Differential Diagnosis

As mentioned above, the doctor first needs to figure out whether malnutrition is an individual feature of the body. In this case, no changes in the work of the body will be observed.
In other cases, it is necessary to conduct a differential diagnosis of the pathology that led to malnutrition: congenital malformations, diseases of the gastrointestinal tract or the endocrine system, lesions of the central nervous system, infections.

Treatment

The main directions of treatment of malnutrition in children are as follows:

  • Identification of the cause of malnutrition, its elimination
  • Proper care: daily routine, walks (3 hours daily, if outside ≥5˚), gymnastics and professional massage, bathing in warm baths (38 degrees) in the evening
  • Organization of proper nutrition, balanced in proteins, fats and carbohydrates, as well as vitamins and microelements (diet therapy)
  • Medical treatment

Treatment of congenital malnutrition consists in maintaining a constant body temperature in the child and establishing breastfeeding. Nutrition of children with malnutrition Diet therapy for malnutrition is divided into three stages.

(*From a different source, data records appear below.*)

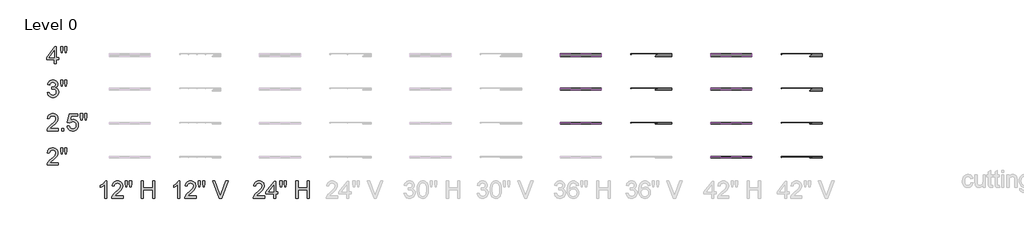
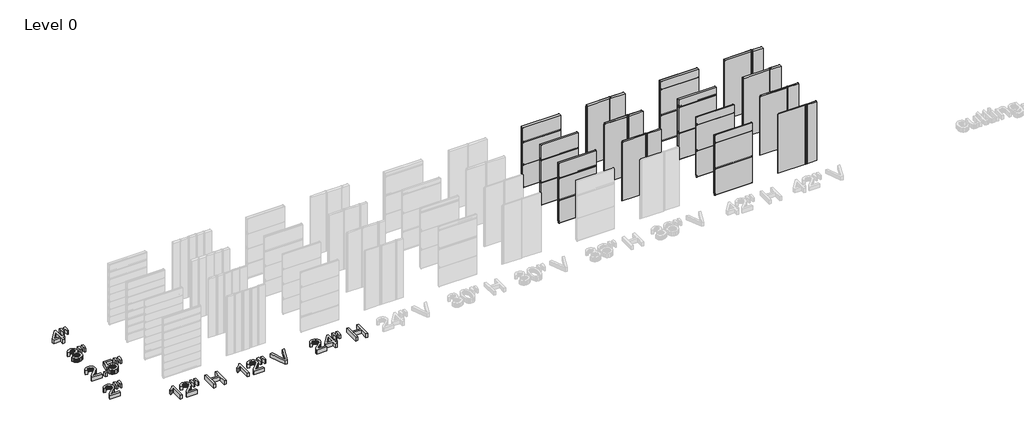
# One storey, part 2 of 5: 35 plates, 7 proxies.
"""IFC4 building model written with IfcOpenShell, lengths in millimetres."""

from ifc_helpers import new_model, si_unit, origin, origin_with_axes, place, context, project, spatial, polyline, outline, extrude, transform, mapped, element, save
from components import plate_dd8bc8b6, plate_0339fd76, plate_47ceeb69, plate_a6819ea9, plate_1add2ea0, plate_ec5e73b8, plate_5019aeee, plate_c719a7a9, plate_90d1a63a, plate_0f1cd221, plate_6702c4e9, plate_02fd043f, plate_aefddf00, plate_1998553f, plate_c49927b6, plate_7b0d1b0b, plate_6e94575f, plate_90314a49, plate_fcef75d7, plate_4bd44487, plate_3af4c5b5, plate_7f3386e1, plate_28f486fa, plate_696052eb

model = new_model("IFC4")

# Units and contexts
model_context = context("Model", 3, world=origin())
ifc_project = project(units=[si_unit("LENGTHUNIT", "METRE", prefix="MILLI")], contexts=[model_context])

# Site, building, storey
site = spatial("IfcSite", under=ifc_project)
building = spatial("IfcBuilding", under=site)
storey = spatial("IfcBuildingStorey", under=building, Name="Level 0", Elevation=0.0)

# Proxies
placement = place(None, origin())
element("IfcBuildingElementProxy", 1, Name="24\" Arial", ObjectType="24\" Arial", at=placement, inside=storey, context=model_context, shape_type="SweptSolid", body=[
    extrude(outline(polyline([(-32312.5108068, 10658.7692936), (-32312.5108068, 10582.6275201), (-32712.2551178, 10582.6275201), (-32710.5820807, 10609.433291), (-32704.0758257, 10635.1237038), (-32685.3006325, 10676.1502893), (-32657.8256469, 10715.949981), (-32618.0817231, 10757.6086027), (-32562.4997156, 10804.2119782), (-32480.3350088, 10877.1935707), (-32431.0361847, 10931.0653626), (-32416.657361, 10953.075094), (-32406.3867727, 10974.7873966), (-32400.2244197, 10996.2022704), (-32398.170302, 11017.3197154), (-32400.1082366, 11037.18703), (-32405.9220402, 11055.4463701), (-32415.6117129, 11072.0977357), (-32429.1772547, 11087.1411269), (-32445.8657989, 11099.6006053), (-32464.9244789, 11108.5002328), (-32486.3532947, 11113.8400093), (-32510.1522463, 11115.6199347), (-32535.2245649, 11113.8818352), (-32557.6479082, 11108.6675365), (-32577.4222763, 11099.9770386), (-32594.5476691, 11087.8103417), (-32608.401345, 11072.5764102), (-32618.3605626, 11054.6842088), (-32624.4253218, 11034.1337374), (-32626.5956226, 11010.9249962), (-32702.7373961, 11020.4427178), (-32696.1893151, 11059.7497931), (-32684.278221, 11094.0935251), (-32667.0041138, 11123.4739141), (-32644.3669935, 11147.8909598), (-32616.8873605, 11167.0844123), (-32585.0857153, 11180.7940212), (-32548.9620577, 11189.0197865), (-32508.5163878, 11191.7617083), (-32467.7082266, 11188.713063), (-32431.3893814, 11179.5671273), (-32399.5598522, 11164.3239012), (-32372.219639, 11142.9833846), (-32350.2610281, 11117.1256681), (-32334.5763061, 11088.3308421), (-32325.1654729, 11056.5989067), (-32322.0285285, 11021.9298619), (-32325.4117811, 10985.5134228), (-32335.561539, 10949.72902), (-32353.5745709, 10913.3311702), (-32380.5476454, 10875.0743905), (-32423.5446967, 10829.4004799), (-32489.6296589, 10770.7512379), (-32577.2224413, 10697.5093952), (-32611.575468, 10658.7692936), (-32312.5108068, 10658.7692936)])), origin_with_axes(), (0.0, 0.0, 1.0), 152.4),
    extrude(outline(polyline([(-32217.7797331, 10972.8541094), (-32236.3690333, 11090.4872009), (-32236.3690333, 11191.7617083), (-32160.2272598, 11191.7617083), (-32160.2272598, 11090.4872009), (-32176.8832727, 10972.8541094), (-32217.7797331, 10972.8541094)])), origin_with_axes(), (0.0, 0.0, 1.0), 152.4),
    extrude(outline(polyline([(-32065.9423293, 10972.8541094), (-32084.0854862, 11090.4872009), (-32084.0854862, 11191.7617083), (-32007.9437127, 11191.7617083), (-32007.9437127, 11090.4872009), (-32025.7894409, 10972.8541094), (-32065.9423293, 10972.8541094)])), origin_with_axes(), (0.0, 0.0, 1.0), 152.4),
])
element("IfcBuildingElementProxy", 2, Name="24\" Arial", ObjectType="24\" Arial", at=placement, inside=storey, context=model_context, shape_type="SweptSolid", body=[
    extrude(outline(polyline([(-32312.5108068, 11877.9692936), (-32312.5108068, 11801.8275201), (-32712.2551178, 11801.8275201), (-32710.5820807, 11828.633291), (-32704.0758257, 11854.3237038), (-32685.3006325, 11895.3502893), (-32657.8256469, 11935.149981), (-32618.0817231, 11976.8086027), (-32562.4997156, 12023.4119782), (-32480.3350088, 12096.3935707), (-32431.0361847, 12150.2653626), (-32416.657361, 12172.275094), (-32406.3867727, 12193.9873966), (-32400.2244197, 12215.4022704), (-32398.170302, 12236.5197154), (-32400.1082366, 12256.38703), (-32405.9220402, 12274.6463701), (-32415.6117129, 12291.2977357), (-32429.1772547, 12306.3411269), (-32445.8657989, 12318.8006053), (-32464.9244789, 12327.7002328), (-32486.3532947, 12333.0400093), (-32510.1522463, 12334.8199347), (-32535.2245649, 12333.0818352), (-32557.6479082, 12327.8675365), (-32577.4222763, 12319.1770386), (-32594.5476691, 12307.0103417), (-32608.401345, 12291.7764102), (-32618.3605626, 12273.8842088), (-32624.4253218, 12253.3337374), (-32626.5956226, 12230.1249962), (-32702.7373961, 12239.6427178), (-32696.1893151, 12278.9497931), (-32684.278221, 12313.2935251), (-32667.0041138, 12342.6739141), (-32644.3669935, 12367.0909598), (-32616.8873605, 12386.2844123), (-32585.0857153, 12399.9940212), (-32548.9620577, 12408.2197865), (-32508.5163878, 12410.9617083), (-32467.7082266, 12407.913063), (-32431.3893814, 12398.7671273), (-32399.5598522, 12383.5239012), (-32372.219639, 12362.1833846), (-32350.2610281, 12336.3256681), (-32334.5763061, 12307.5308421), (-32325.1654729, 12275.7989067), (-32322.0285285, 12241.1298619), (-32325.4117811, 12204.7134228), (-32335.561539, 12168.92902), (-32353.5745709, 12132.5311702), (-32380.5476454, 12094.2743905), (-32423.5446967, 12048.6004799), (-32489.6296589, 11989.9512379), (-32577.2224413, 11916.7093952), (-32611.575468, 11877.9692936), (-32312.5108068, 11877.9692936)])), origin_with_axes(), (0.0, 0.0, 1.0), 152.4),
    extrude(outline(polyline([(-32198.2981465, 11801.8275201), (-32198.2981465, 11877.9692936), (-32122.156373, 11877.9692936), (-32122.156373, 11801.8275201), (-32198.2981465, 11801.8275201)])), origin_with_axes(), (0.0, 0.0, 1.0), 152.4),
    extrude(outline(polyline([(-31998.425991, 11963.6287888), (-31922.2842175, 11973.1465105), (-31916.5958917, 11948.6690495), (-31908.3050638, 11927.4354214), (-31897.4117339, 11909.4456262), (-31883.915902, 11894.6996638), (-31867.845452, 11883.2161236), (-31849.2282678, 11875.0135949), (-31828.0643496, 11870.0920777), (-31804.3536972, 11868.4515719), (-31775.3543889, 11870.7334085), (-31749.7755119, 11877.5789183), (-31727.6170661, 11888.9881013), (-31708.8790515, 11904.9609575), (-31693.9797274, 11924.7074416), (-31683.3373531, 11947.4375084), (-31676.9519285, 11973.1511579), (-31674.8234536, 12001.84839), (-31676.817156, 12028.970179), (-31682.7982634, 12053.0805013), (-31692.7667756, 12074.179357), (-31706.7226927, 12092.2667461), (-31724.7124879, 12106.7756948), (-31746.7826346, 12117.1392297), (-31772.9331326, 12123.3573506), (-31803.163982, 12125.4300576), (-31840.1009215, 12122.1211621), (-31870.0111054, 12112.1944758), (-31893.8983562, 12096.9884283), (-31912.7664958, 12077.8414491), (-31988.9082694, 12087.3591708), (-31922.2842175, 12401.4439866), (-31627.2348451, 12401.4439866), (-31627.2348451, 12325.3022131), (-31860.7164553, 12325.3022131), (-31893.2849093, 12157.5523683), (-31866.4140758, 12176.8108833), (-31838.8926169, 12190.5669654), (-31810.7205325, 12198.8206147), (-31781.8978226, 12201.5718311), (-31744.8168161, 12198.1606945), (-31710.7565708, 12187.9272848), (-31679.7170869, 12170.8716018), (-31651.6983642, 12146.9936458), (-31628.5035649, 12117.7526766), (-31611.9358511, 12084.6079544), (-31601.9952228, 12047.5594791), (-31598.6816801, 12006.6072509), (-31601.6652628, 11967.1607559), (-31610.6160108, 11930.4654773), (-31625.5339242, 11896.5214152), (-31646.4190029, 11865.3285695), (-31678.0579918, 11833.3828572), (-31714.976342, 11810.5644912), (-31757.1740534, 11796.8734716), (-31804.651126, 11792.3097984), (-31843.9442593, 11795.2422605), (-31879.4358806, 11804.0396468), (-31911.1259901, 11818.7019574), (-31939.0145877, 11839.2291921), (-31962.2186816, 11864.5989395), (-31979.8552802, 11893.7887881), (-31991.9243833, 11926.7987379), (-31998.425991, 11963.6287888)])), origin_with_axes(), (0.0, 0.0, 1.0), 152.4),
    extrude(outline(polyline([(-31513.4683281, 12192.0541094), (-31532.0576283, 12309.6872009), (-31532.0576283, 12410.9617083), (-31455.9158547, 12410.9617083), (-31455.9158547, 12309.6872009), (-31472.5718677, 12192.0541094), (-31513.4683281, 12192.0541094)])), origin_with_axes(), (0.0, 0.0, 1.0), 152.4),
    extrude(outline(polyline([(-31361.6309242, 12192.0541094), (-31379.7740812, 12309.6872009), (-31379.7740812, 12410.9617083), (-31303.6323077, 12410.9617083), (-31303.6323077, 12309.6872009), (-31321.4780359, 12192.0541094), (-31361.6309242, 12192.0541094)])), origin_with_axes(), (0.0, 0.0, 1.0), 152.4),
])
element("IfcBuildingElementProxy", 3, Name="24\" Arial", ObjectType="24\" Arial", at=placement, inside=storey, context=model_context, shape_type="SweptSolid", body=[
    extrude(outline(polyline([(-32702.7373961, 13157.4287888), (-32626.5956226, 13166.9465105), (-32609.5492343, 13119.0976519), (-32598.0563995, 13101.0009682), (-32584.5838042, 13086.7894482), (-32568.8247249, 13076.0541273), (-32550.4724383, 13068.386041), (-32529.5269444, 13063.7851892), (-32505.988243, 13062.2515719), (-32478.4017216, 13064.3614575), (-32453.7894881, 13070.6911142), (-32432.1515427, 13081.2405421), (-32413.4878854, 13096.0097411), (-32398.4584362, 13113.8926478), (-32387.7231153, 13133.783199), (-32381.2819228, 13155.6813946), (-32379.1348586, 13179.5872347), (-32381.2633335, 13202.35448), (-32387.6487581, 13223.0676078), (-32398.2911325, 13241.7266178), (-32413.1904565, 13258.3315102), (-32431.3707921, 13271.9621145), (-32451.8562009, 13281.6982605), (-32474.6466829, 13287.5399481), (-32499.7422382, 13289.4871773), (-32523.7967926, 13287.4051757), (-32553.1307083, 13281.1591708), (-32544.6539874, 13357.3009443), (-32532.4594065, 13356.4086579), (-32486.8412638, 13361.8739122), (-32446.0563393, 13378.2696749), (-32429.2702012, 13390.6687381), (-32417.2801026, 13406.0049108), (-32410.0860434, 13424.2781929), (-32407.6880237, 13445.4885844), (-32409.4261233, 13462.7069236), (-32414.640422, 13478.3730564), (-32423.3309198, 13492.4869825), (-32435.4976168, 13505.0487021), (-32450.4062355, 13515.3611164), (-32467.3224987, 13522.7271266), (-32486.2464062, 13527.1467327), (-32507.1779582, 13528.6199347), (-32528.0537423, 13527.1327907), (-32547.107775, 13522.6713587), (-32564.3400563, 13515.2356386), (-32579.7505861, 13504.8256305), (-32592.9582839, 13491.4413344), (-32603.5820689, 13475.0827502), (-32611.6219413, 13455.7498781), (-32617.0779009, 13433.4427178), (-32693.2196744, 13442.9604395), (-32684.1945692, 13479.311816), (-32670.8009784, 13511.3318856), (-32653.0389021, 13539.0206482), (-32630.9083402, 13562.3781039), (-32605.1063916, 13580.9209308), (-32576.3301549, 13594.1658072), (-32544.5796302, 13602.112733), (-32509.8548175, 13604.7617083), (-32461.9873695, 13599.5381149), (-32418.0236746, 13583.8673349), (-32380.95661, 13559.1435656), (-32353.7790532, 13526.7610047), (-32337.1044509, 13489.4522793), (-32331.5462502, 13449.9500164), (-32336.8256114, 13413.1432021), (-32352.6636952, 13379.7568189), (-32378.8374298, 13351.3151897), (-32415.1237438, 13329.3426369), (-32389.749349, 13321.4050057), (-32367.4607781, 13310.0841219), (-32348.258031, 13295.3799854), (-32332.1411078, 13277.2925964), (-32319.3888479, 13256.2680979), (-32310.2800908, 13232.7526332), (-32304.8148365, 13206.7462022), (-32302.9930851, 13178.248805), (-32306.6365879, 13139.6202393), (-32317.5670964, 13104.0403187), (-32335.7846106, 13071.5090434), (-32361.2891305, 13042.0264134), (-32392.3611457, 13017.5628943), (-32427.2811461, 13000.0889522), (-32466.0491316, 12989.6045869), (-32508.6651022, 12986.1097984), (-32547.1821322, 12989.0933811), (-32582.2787309, 12998.0441291), (-32613.9548984, 13012.9620425), (-32642.2106347, 13033.8471213), (-32665.9026978, 13059.4724716), (-32683.8878457, 13088.6111996), (-32696.1660785, 13121.2633054), (-32702.7373961, 13157.4287888)])), origin_with_axes(), (0.0, 0.0, 1.0), 152.4),
    extrude(outline(polyline([(-32217.7797331, 13385.8541094), (-32236.3690333, 13503.4872009), (-32236.3690333, 13604.7617083), (-32160.2272598, 13604.7617083), (-32160.2272598, 13503.4872009), (-32176.8832727, 13385.8541094), (-32217.7797331, 13385.8541094)])), origin_with_axes(), (0.0, 0.0, 1.0), 152.4),
    extrude(outline(polyline([(-32065.9423293, 13385.8541094), (-32084.0854862, 13503.4872009), (-32084.0854862, 13604.7617083), (-32007.9437127, 13604.7617083), (-32007.9437127, 13503.4872009), (-32025.7894409, 13385.8541094), (-32065.9423293, 13385.8541094)])), origin_with_axes(), (0.0, 0.0, 1.0), 152.4),
])
element("IfcBuildingElementProxy", 4, Name="24\" Arial", ObjectType="24\" Arial", at=placement, inside=storey, context=model_context, shape_type="SweptSolid", body=[
    extrude(outline(polyline([(-32455.2766321, 14189.4275201), (-32455.2766321, 14332.1933455), (-32731.2905611, 14332.1933455), (-32731.2905611, 14408.335119), (-32436.2411888, 14789.0439866), (-32379.1348586, 14789.0439866), (-32379.1348586, 14408.335119), (-32302.9930851, 14408.335119), (-32302.9930851, 14332.1933455), (-32379.1348586, 14332.1933455), (-32379.1348586, 14189.4275201), (-32455.2766321, 14189.4275201)]), holes=[polyline([(-32455.2766321, 14408.335119), (-32455.2766321, 14643.601302), (-32637.6004883, 14408.335119), (-32455.2766321, 14408.335119)])]), origin_with_axes(), (0.0, 0.0, 1.0), 152.4),
    extrude(outline(polyline([(-32217.7797331, 14579.6541094), (-32236.3690333, 14697.2872009), (-32236.3690333, 14798.5617083), (-32160.2272598, 14798.5617083), (-32160.2272598, 14697.2872009), (-32176.8832727, 14579.6541094), (-32217.7797331, 14579.6541094)])), origin_with_axes(), (0.0, 0.0, 1.0), 152.4),
    extrude(outline(polyline([(-32065.9423293, 14579.6541094), (-32084.0854862, 14697.2872009), (-32084.0854862, 14798.5617083), (-32007.9437127, 14798.5617083), (-32007.9437127, 14697.2872009), (-32025.7894409, 14579.6541094), (-32065.9423293, 14579.6541094)])), origin_with_axes(), (0.0, 0.0, 1.0), 152.4),
])
element("IfcBuildingElementProxy", 5, Name="24\" Arial", ObjectType="24\" Arial", at=placement, inside=storey, context=model_context, shape_type="SweptSolid", body=[
    extrude(outline(polyline([(-30589.8489204, 9409.440542), (-30665.9906939, 9409.440542), (-30665.9906939, 9884.1369113), (-30697.7783972, 9858.4279091), (-30738.1171786, 9832.7560856), (-30780.4636044, 9810.3188003), (-30818.2742409, 9794.3134128), (-30818.2742409, 9866.2911831), (-30758.4724623, 9898.8224584), (-30706.6640827, 9937.5253814), (-30665.8233902, 9978.682092), (-30638.9246728, 10018.5747302), (-30589.8489204, 10018.5747302), (-30589.8489204, 9409.440542)])), origin_with_axes(), (0.0, 0.0, 1.0), 152.4),
    extrude(outline(polyline([(-30018.785619, 9485.5823155), (-30018.785619, 9409.440542), (-30418.52993, 9409.440542), (-30416.8568929, 9436.2463129), (-30410.3506379, 9461.9367257), (-30391.5754447, 9502.9633112), (-30364.100459, 9542.7630029), (-30324.3565353, 9584.4216246), (-30268.7745278, 9631.0250001), (-30186.609821, 9704.0065926), (-30137.3109969, 9757.8783845), (-30122.9321732, 9779.8881159), (-30112.6615849, 9801.6004185), (-30106.4992319, 9823.0152923), (-30104.4451142, 9844.1327373), (-30106.3830487, 9864.0000519), (-30112.1968524, 9882.259392), (-30121.8865251, 9898.9107576), (-30135.4520669, 9913.9541488), (-30152.1406111, 9926.4136272), (-30171.1992911, 9935.3132547), (-30192.6281069, 9940.6530311), (-30216.4270585, 9942.4329566), (-30241.4993771, 9940.6948571), (-30263.9227204, 9935.4805584), (-30283.6970885, 9926.7900605), (-30300.8224813, 9914.6233636), (-30314.6761572, 9899.3894321), (-30324.6353748, 9881.4972307), (-30330.700134, 9860.9467593), (-30332.8704348, 9837.7380181), (-30409.0122083, 9847.2557397), (-30402.4641273, 9886.562815), (-30390.5530332, 9920.906547), (-30373.278926, 9950.286936), (-30350.6418057, 9974.7039817), (-30323.1621727, 9993.8974342), (-30291.3605275, 10007.6070431), (-30255.2368699, 10015.8328084), (-30214.7912, 10018.5747302), (-30173.9830388, 10015.5260849), (-30137.6641936, 10006.3801492), (-30105.8346644, 9991.1369231), (-30078.4944512, 9969.7964065), (-30056.5358403, 9943.93869), (-30040.8511183, 9915.143864), (-30031.4402851, 9883.4119286), (-30028.3033407, 9848.7428838), (-30031.6865933, 9812.3264447), (-30041.8363512, 9776.5420419), (-30059.8493831, 9740.1441921), (-30086.8224576, 9701.8874124), (-30129.8195089, 9656.2135018), (-30195.9044711, 9597.5642598), (-30283.4972535, 9524.3224171), (-30317.8502802, 9485.5823155), (-30018.785619, 9485.5823155)])), origin_with_axes(), (0.0, 0.0, 1.0), 152.4),
    extrude(outline(polyline([(-29924.0545453, 9799.6671313), (-29942.6438455, 9917.3002228), (-29942.6438455, 10018.5747302), (-29866.502072, 10018.5747302), (-29866.502072, 9917.3002228), (-29883.1580849, 9799.6671313), (-29924.0545453, 9799.6671313)])), origin_with_axes(), (0.0, 0.0, 1.0), 152.4),
    extrude(outline(polyline([(-29772.2171415, 9799.6671313), (-29790.3602984, 9917.3002228), (-29790.3602984, 10018.5747302), (-29714.2185249, 10018.5747302), (-29714.2185249, 9917.3002228), (-29732.0642531, 9799.6671313), (-29772.2171415, 9799.6671313)])), origin_with_axes(), (0.0, 0.0, 1.0), 152.4),
    extrude(outline(polyline([(-29371.5805441, 9409.440542), (-29371.5805441, 10018.5747302), (-29295.4387706, 10018.5747302), (-29295.4387706, 9771.1139662), (-28971.8362331, 9771.1139662), (-28971.8362331, 10018.5747302), (-28895.6944596, 10018.5747302), (-28895.6944596, 9409.440542), (-28971.8362331, 9409.440542), (-28971.8362331, 9694.9721927), (-29295.4387706, 9694.9721927), (-29295.4387706, 9409.440542), (-29371.5805441, 9409.440542)])), origin_with_axes(), (0.0, 0.0, 1.0), 152.4),
])
element("IfcBuildingElementProxy", 6, Name="24\" Arial", ObjectType="24\" Arial", at=placement, inside=storey, context=model_context, shape_type="SweptSolid", body=[
    extrude(outline(polyline([(-27999.0489204, 9409.440542), (-28075.1906939, 9409.440542), (-28075.1906939, 9884.1369113), (-28106.9783972, 9858.4279091), (-28147.3171786, 9832.7560856), (-28189.6636044, 9810.3188003), (-28227.4742409, 9794.3134128), (-28227.4742409, 9866.2911831), (-28167.6724623, 9898.8224584), (-28115.8640827, 9937.5253814), (-28075.0233902, 9978.682092), (-28048.1246728, 10018.5747302), (-27999.0489204, 10018.5747302), (-27999.0489204, 9409.440542)])), origin_with_axes(), (0.0, 0.0, 1.0), 152.4),
    extrude(outline(polyline([(-27427.985619, 9485.5823155), (-27427.985619, 9409.440542), (-27827.72993, 9409.440542), (-27826.0568929, 9436.2463129), (-27819.5506379, 9461.9367257), (-27800.7754447, 9502.9633112), (-27773.300459, 9542.7630029), (-27733.5565353, 9584.4216246), (-27677.9745278, 9631.0250001), (-27595.809821, 9704.0065926), (-27546.5109969, 9757.8783845), (-27532.1321732, 9779.8881159), (-27521.8615849, 9801.6004185), (-27515.6992319, 9823.0152923), (-27513.6451142, 9844.1327373), (-27515.5830487, 9864.0000519), (-27521.3968524, 9882.259392), (-27531.0865251, 9898.9107576), (-27544.6520669, 9913.9541488), (-27561.3406111, 9926.4136272), (-27580.3992911, 9935.3132547), (-27601.8281069, 9940.6530311), (-27625.6270585, 9942.4329566), (-27650.6993771, 9940.6948571), (-27673.1227204, 9935.4805584), (-27692.8970885, 9926.7900605), (-27710.0224813, 9914.6233636), (-27723.8761572, 9899.3894321), (-27733.8353748, 9881.4972307), (-27739.900134, 9860.9467593), (-27742.0704348, 9837.7380181), (-27818.2122083, 9847.2557397), (-27811.6641273, 9886.562815), (-27799.7530332, 9920.906547), (-27782.478926, 9950.286936), (-27759.8418057, 9974.7039817), (-27732.3621727, 9993.8974342), (-27700.5605275, 10007.6070431), (-27664.4368699, 10015.8328084), (-27623.9912, 10018.5747302), (-27583.1830388, 10015.5260849), (-27546.8641936, 10006.3801492), (-27515.0346644, 9991.1369231), (-27487.6944512, 9969.7964065), (-27465.7358403, 9943.93869), (-27450.0511183, 9915.143864), (-27440.6402851, 9883.4119286), (-27437.5033407, 9848.7428838), (-27440.8865933, 9812.3264447), (-27451.0363512, 9776.5420419), (-27469.0493831, 9740.1441921), (-27496.0224576, 9701.8874124), (-27539.0195089, 9656.2135018), (-27605.1044711, 9597.5642598), (-27692.6972535, 9524.3224171), (-27727.0502802, 9485.5823155), (-27427.985619, 9485.5823155)])), origin_with_axes(), (0.0, 0.0, 1.0), 152.4),
    extrude(outline(polyline([(-27333.2545453, 9799.6671313), (-27351.8438455, 9917.3002228), (-27351.8438455, 10018.5747302), (-27275.702072, 10018.5747302), (-27275.702072, 9917.3002228), (-27292.3580849, 9799.6671313), (-27333.2545453, 9799.6671313)])), origin_with_axes(), (0.0, 0.0, 1.0), 152.4),
    extrude(outline(polyline([(-27181.4171415, 9799.6671313), (-27199.5602984, 9917.3002228), (-27199.5602984, 10018.5747302), (-27123.4185249, 10018.5747302), (-27123.4185249, 9917.3002228), (-27141.2642531, 9799.6671313), (-27181.4171415, 9799.6671313)])), origin_with_axes(), (0.0, 0.0, 1.0), 152.4),
    extrude(outline(polyline([(-26600.8361184, 9409.440542), (-26843.2405927, 10018.5747302), (-26761.7451007, 10018.5747302), (-26599.4976888, 9579.7185316), (-26566.6318061, 9480.8234547), (-26534.2120666, 9579.7185316), (-26371.5185114, 10018.5747302), (-26290.0230195, 10018.5747302), (-26522.1662001, 9409.440542), (-26600.8361184, 9409.440542)])), origin_with_axes(), (0.0, 0.0, 1.0), 152.4),
])
element("IfcBuildingElementProxy", 7, Name="24\" Arial", ObjectType="24\" Arial", at=placement, inside=storey, context=model_context, shape_type="SweptSolid", body=[
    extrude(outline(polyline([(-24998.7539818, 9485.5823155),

Stage 1 - the so-called "rejuvenation" of the diet that is, they use foods intended for younger children. The child is fed frequently (up to 10 times a day), the calculation of the diet is carried out on the actual body weight, and a diary is kept for monitoring the assimilation of food. The stage lasts 2-14 days (depending on the degree of malnutrition).
Stage 2 - transitional Medicinal mixtures are added to the diet, nutrition is optimized to an approximate norm (according to the weight that the child should have).
Stage 3 - a period of enhanced nutrition The calorie content of the diet increases to 200 kilocalories per day (at a rate of 110-115). Use special high-protein mixtures. With celiac disease, gluten-containing foods are excluded, fats are limited, buckwheat, rice, and corn are recommended for nutrition. With lactase deficiency, milk and dishes prepared with milk are removed from products. Instead, they use fermented milk products, soy mixtures. With cystic fibrosis - a diet with a high calorie content, food should be salted.

The main directions of drug therapy

  • Replacement therapy with pancreatic enzymes; drugs that increase the secretion of gastric enzymes
  • The use of immunomodulators
  • Treatment of intestinal dysbacteriosis
  • vitamin therapy
  • Symptomatic therapy: correction of individual disorders (iron deficiency, irritability, stimulant drugs)
  • In severe forms of malnutrition - anabolic drugs - drugs that promote the formation of building protein in the body for muscles and internal organs.

Treatment of malnutrition requires an individual approach. It is more correct to say that children are nursed, not treated. Vaccinations for hypotrophy of the 1st degree are carried out according to the general schedule, for hypotrophy of the 2nd and 3rd degrees - on an individual basis.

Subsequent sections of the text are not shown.